According to the statement, Livtencity will be available in the coming days. For appropriate patients, physicians can submit a prescription to initiate access to treatment by contacting Takeda Patient Support at 1-855-268-1825.

“The FDA approval of Livtencity marks a major step forward in the treatment of post-transplant CMV, bringing a new therapeutic option to those living with this potential life-threatening opportunistic infection,” said Roy F Chemaly, MD, MPH, FACP, FIDSA, Department of Infectious Diseases, Infection Control and Employee Health at The University of Texas, MD, Anderson Cancer Center in Houston, TX.

“In clinical studies, we observed Livtencity was statistically superior to conventional antiviral therapies in achieving the primary endpoint at week eight.”

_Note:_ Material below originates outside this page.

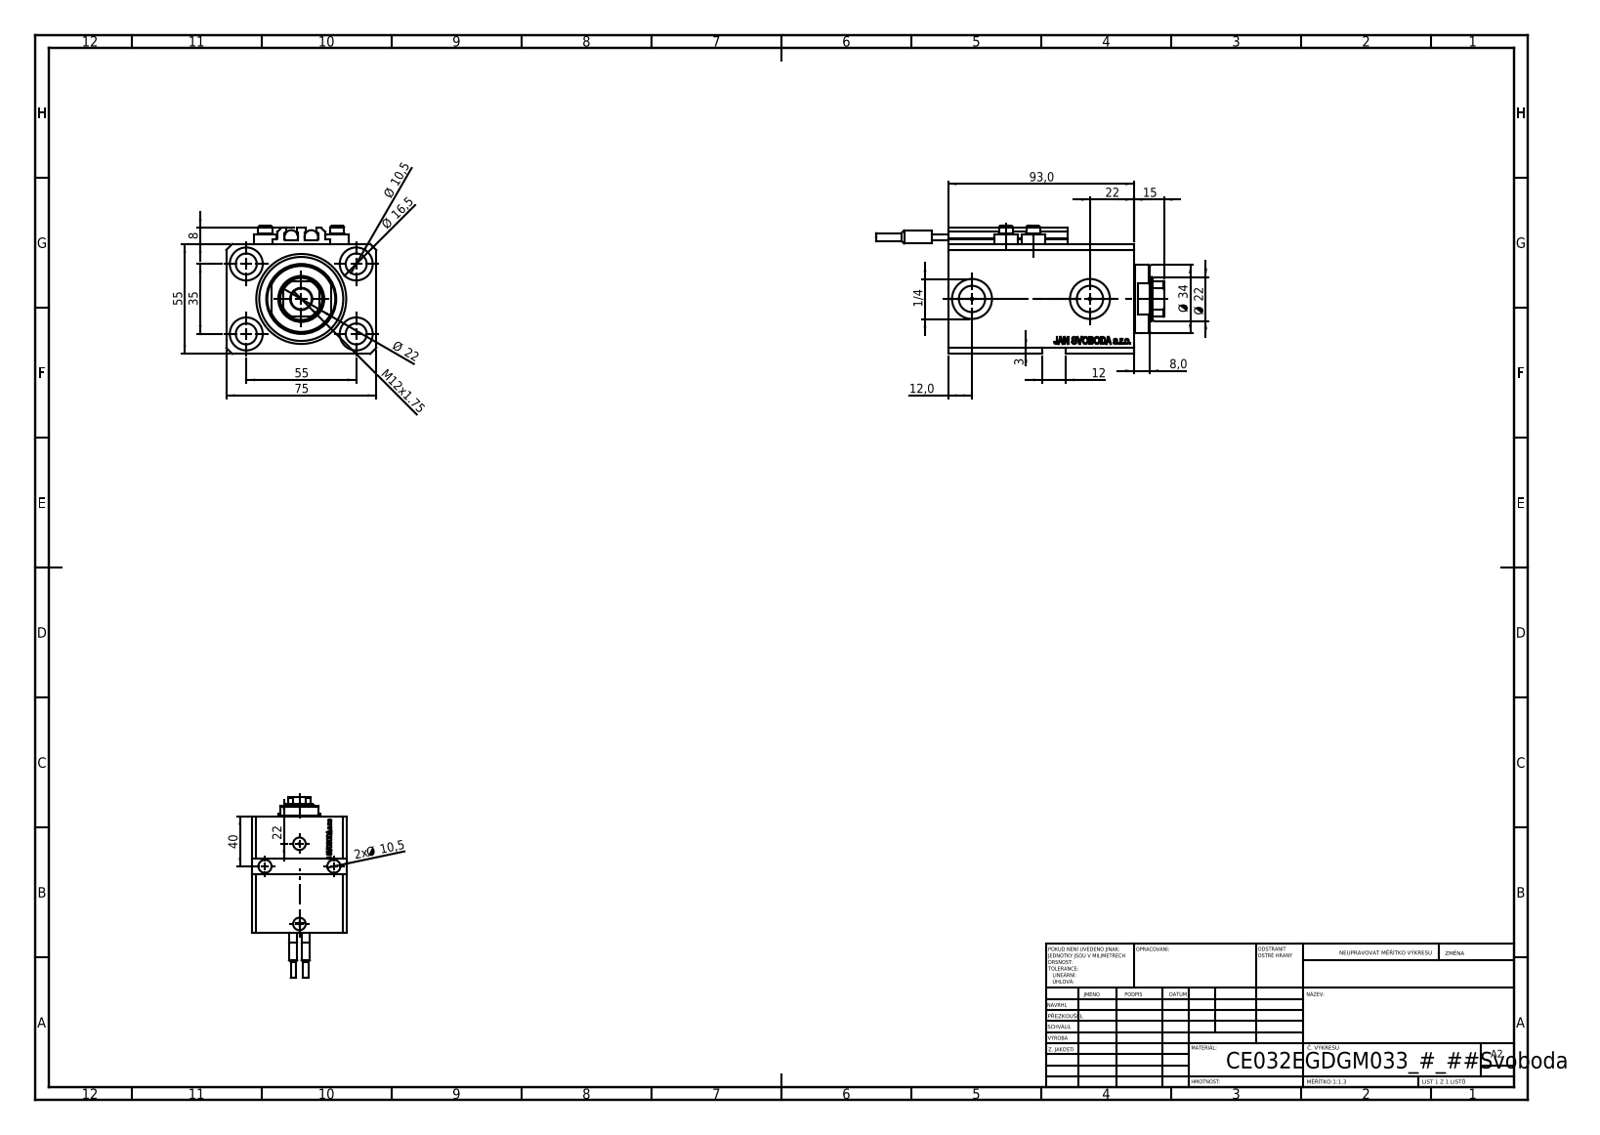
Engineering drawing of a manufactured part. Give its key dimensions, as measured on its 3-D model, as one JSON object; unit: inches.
{"part_name": "V250CE_C_VCP; ALLEN BOLT V250CE; V250CE_E_Body; SWITCH_V250CE (+1 more)", "step_written_by": "SolidWorks 2019 (CONFIG_CONTROL_DESIGN)", "units": "inches", "bodies": {"solids": 10, "faces": 1132, "planar": 550, "cylindrical": 150, "other": 432}, "overall_size": [5.669, 2.953, 2.52], "volume_in3": 20.07, "surface_area_in2": 134.7, "round_holes": [[0.413, 7], [0.049, 4], [0.157, 4], [0.65, 4], [0.394, 2], [0.518, 2], [0.787, 2], [0.866, 1], [1.26, 1], [1.772, 1]], "round_bosses_or_shafts": [[0.457, 4], [0.276, 4], [0.268, 2], [0.256, 2], [0.157, 2], [1.339, 1]], "partial_cylinders_radius": [[0.008, 10], [0.413, 1]], "face_to_face_distances": [2.165, 2.953, 0.591, 0.118, 3.661, 3.071, 0.39, 2.244, 2.681, 3.272], "hole_center_spacings": [1.283, 2.165, 0.535, 0.555, 1.016, 1.103, 1.119, 1.294]}
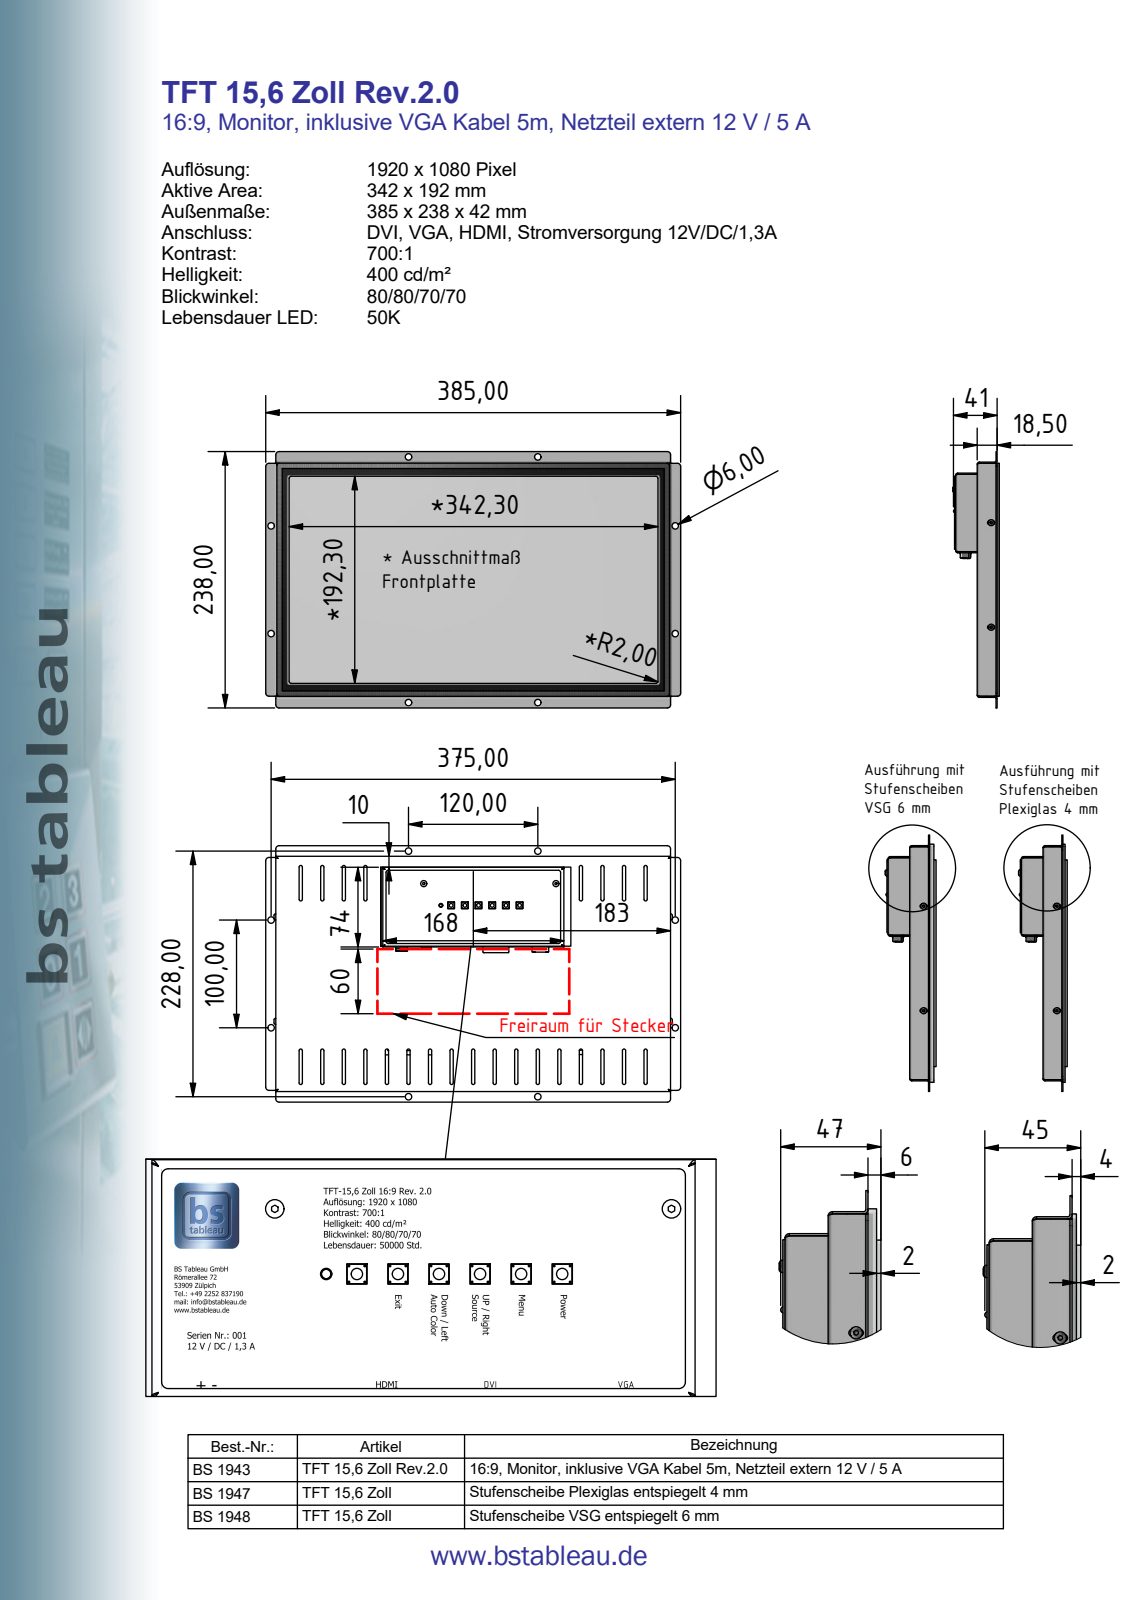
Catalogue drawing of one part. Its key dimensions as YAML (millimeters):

Prior to FDA approval, Livtencity (maribavir) was granted Orphan Drug Designation by the FDA for treatment of clinically-significant CMV viremia and disease in at-risk patients, as well as Breakthrough Therapy Designation as a treatment for CMV infection and disease in transplant patients resistant or refractory to prior therapy. Takeda is looking forward to continuing our discussions with regulatory agencies across the globe to potentially bring maribavir to patients worldwide. The company is also investigating maribavir as a first-line treatment of CMV in hematopoietic stem cell transplant recipients in an ongoing phase-III clinical trial.

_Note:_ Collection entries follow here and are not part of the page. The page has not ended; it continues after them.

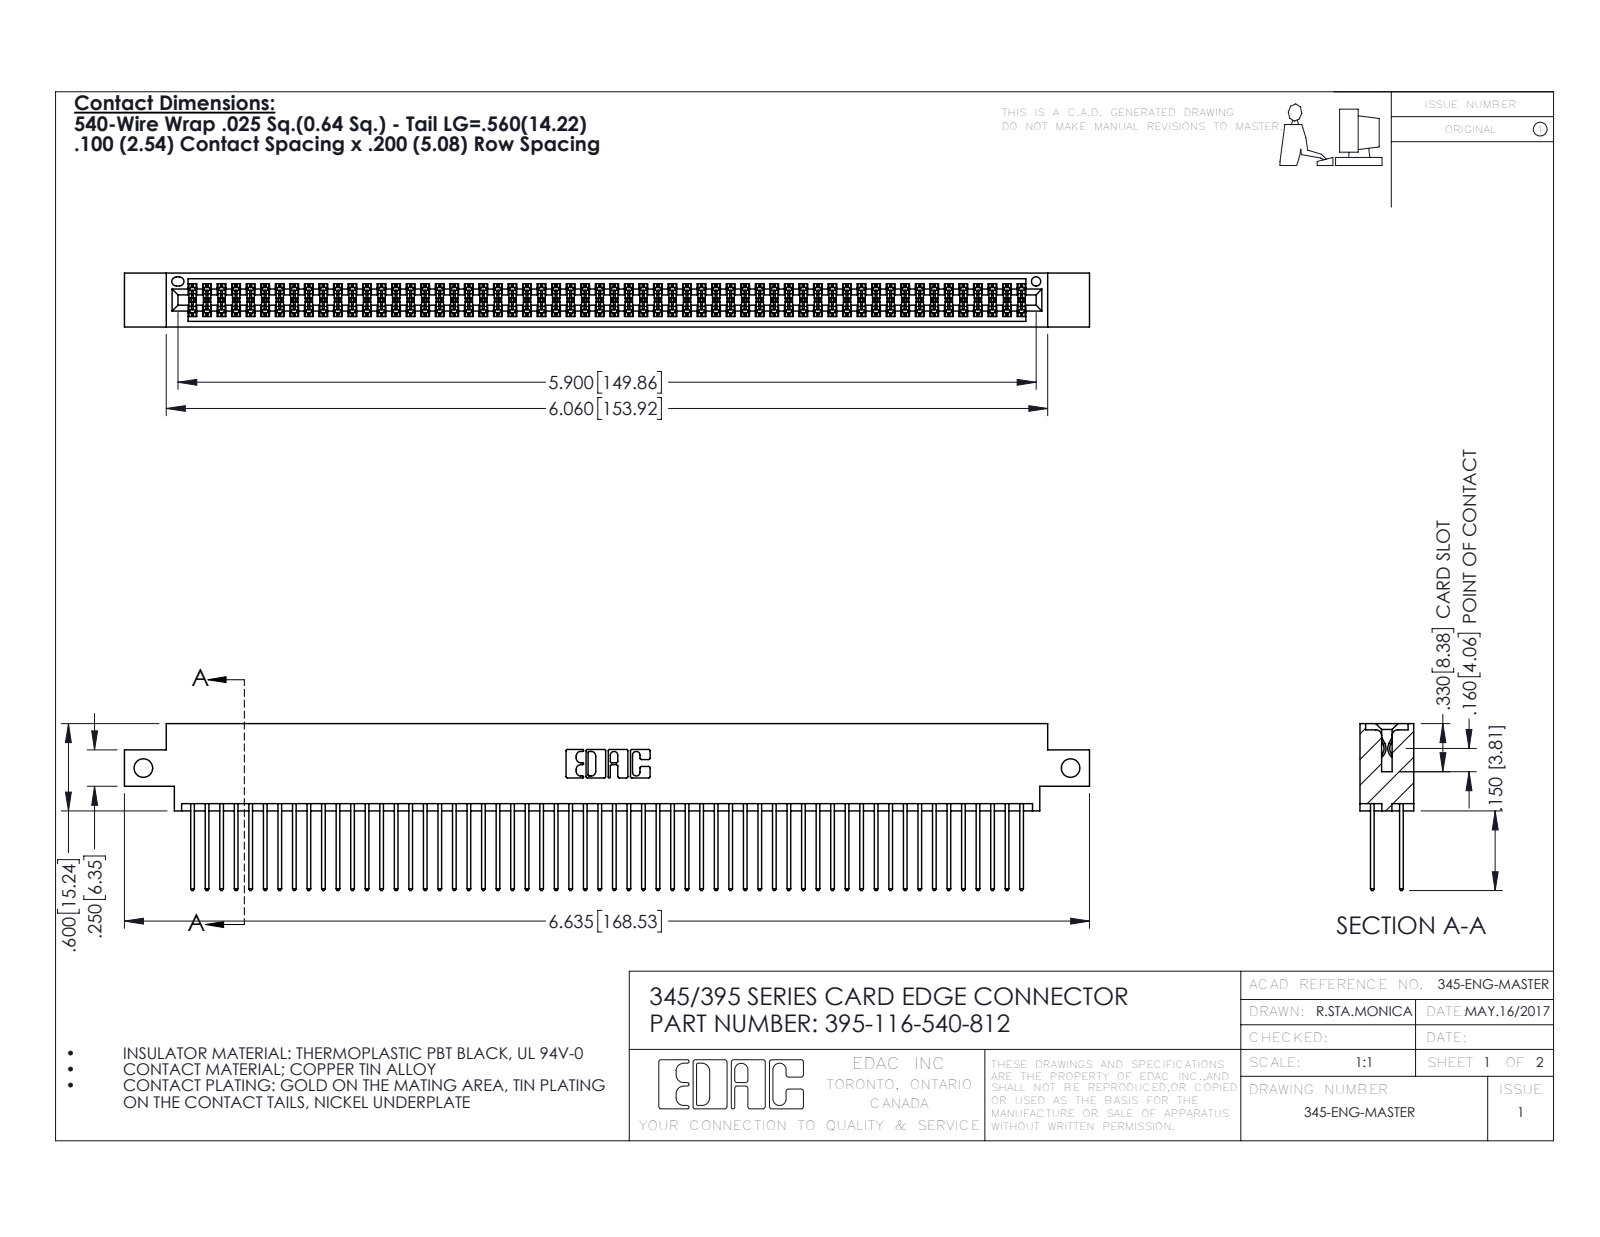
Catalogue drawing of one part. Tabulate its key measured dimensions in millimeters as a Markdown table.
| quantity | value |
| --- | --- |
| part name | 345-292-001_345-293-140; 345 Part_0.170 Offset - Side Mount; 395-116-540-812 |
| STEP written by | SolidWorks 2016 (CONFIG_CONTROL_DESIGN) |
| units | millimeters |
| bodies | 117 solids, 5930 faces (3912 planar, 2018 cylindrical, 0 other) |
| overall size | 168.5 × 29.1 × 9.4 |
| volume | 16 760 mm³ |
| surface area | 27 130 mm² |
| round holes (diameter × count) | 3.3 × 2, 1.6 × 1 |
| partial cylindrical surfaces (radius × count) | 0.2 × 174, 0.3 × 116, 0.3 × 22, 0.2 × 6, 0.8 × 6, 0.7 × 3, 0.4 × 2, 0.5 × 2 |
| main face-to-face distances | 1.8, 7.6, 5.1, 2.5, 6.9, 0.6, 9.4, 5.7, 4.4, 3.8 |
| hole center spacings | 161.9 |

The statement also mentioned that Livtencity was evaluated in the TAK-620-303 (SOLSTICE) trial, a global, multi-centre, randomised, open-label, active-controlled superiority trial assessing the efficacy and safety of treatment with either maribavir or investigator-assigned treatment (IAT, conventional antiviral therapy) in 352 HSCT and SOT adult recipients with CMV infection refractory, with or without or resistance, to one or a combination of conventional antiviral therapies: ganciclovir, valganciclovir, foscarnet, or cidofovir. Participants were randomised 2:1 to receive maribavir (N=235) (400 mg, twice daily) or IAT (N=117) (as dosed by the investigator) for up to eight weeks. After completion of the treatment period, subjects entered a 12-week follow-up phase. The primary efficacy endpoint was confirmed CMV DNA level <LLOQ (lower limit of quantification, [i.e. <137 IU/mL] as assessed by COBAS AmpliPrep/COBAS TaqMan CMV test at the end of week eight).

The most common adverse events occurring in all grades, >10 per cent of patients receiving maribavir were taste disturbance, nausea, diarrhoea, vomiting, and fatigue. A higher proportion of subjects in the IAT group discontinued study medication due to an adverse event compared to the Livtencity group (32%, n=37/116 versus 13%, n=31/234, respectively). Taste disturbance events (46%, n=108/234) were generally mild, and rarely led to discontinuation of maribavir (one per cent). In 37 per cent of patients, these events resolved while patients remained on therapy (median duration 43 days; range seven to 59 days). For the patients with ongoing taste disturbance after drug discontinuation, resolution occurred in 89 percent. In patients with resolution of symptoms after drug discontinuation, the median duration of symptoms of treatment was six days (range two to 85 days). All-cause mortality was similar in each treatment group (Livtencity 11%, n=27/235; IAT 11%, n=13/117), the statement concluded.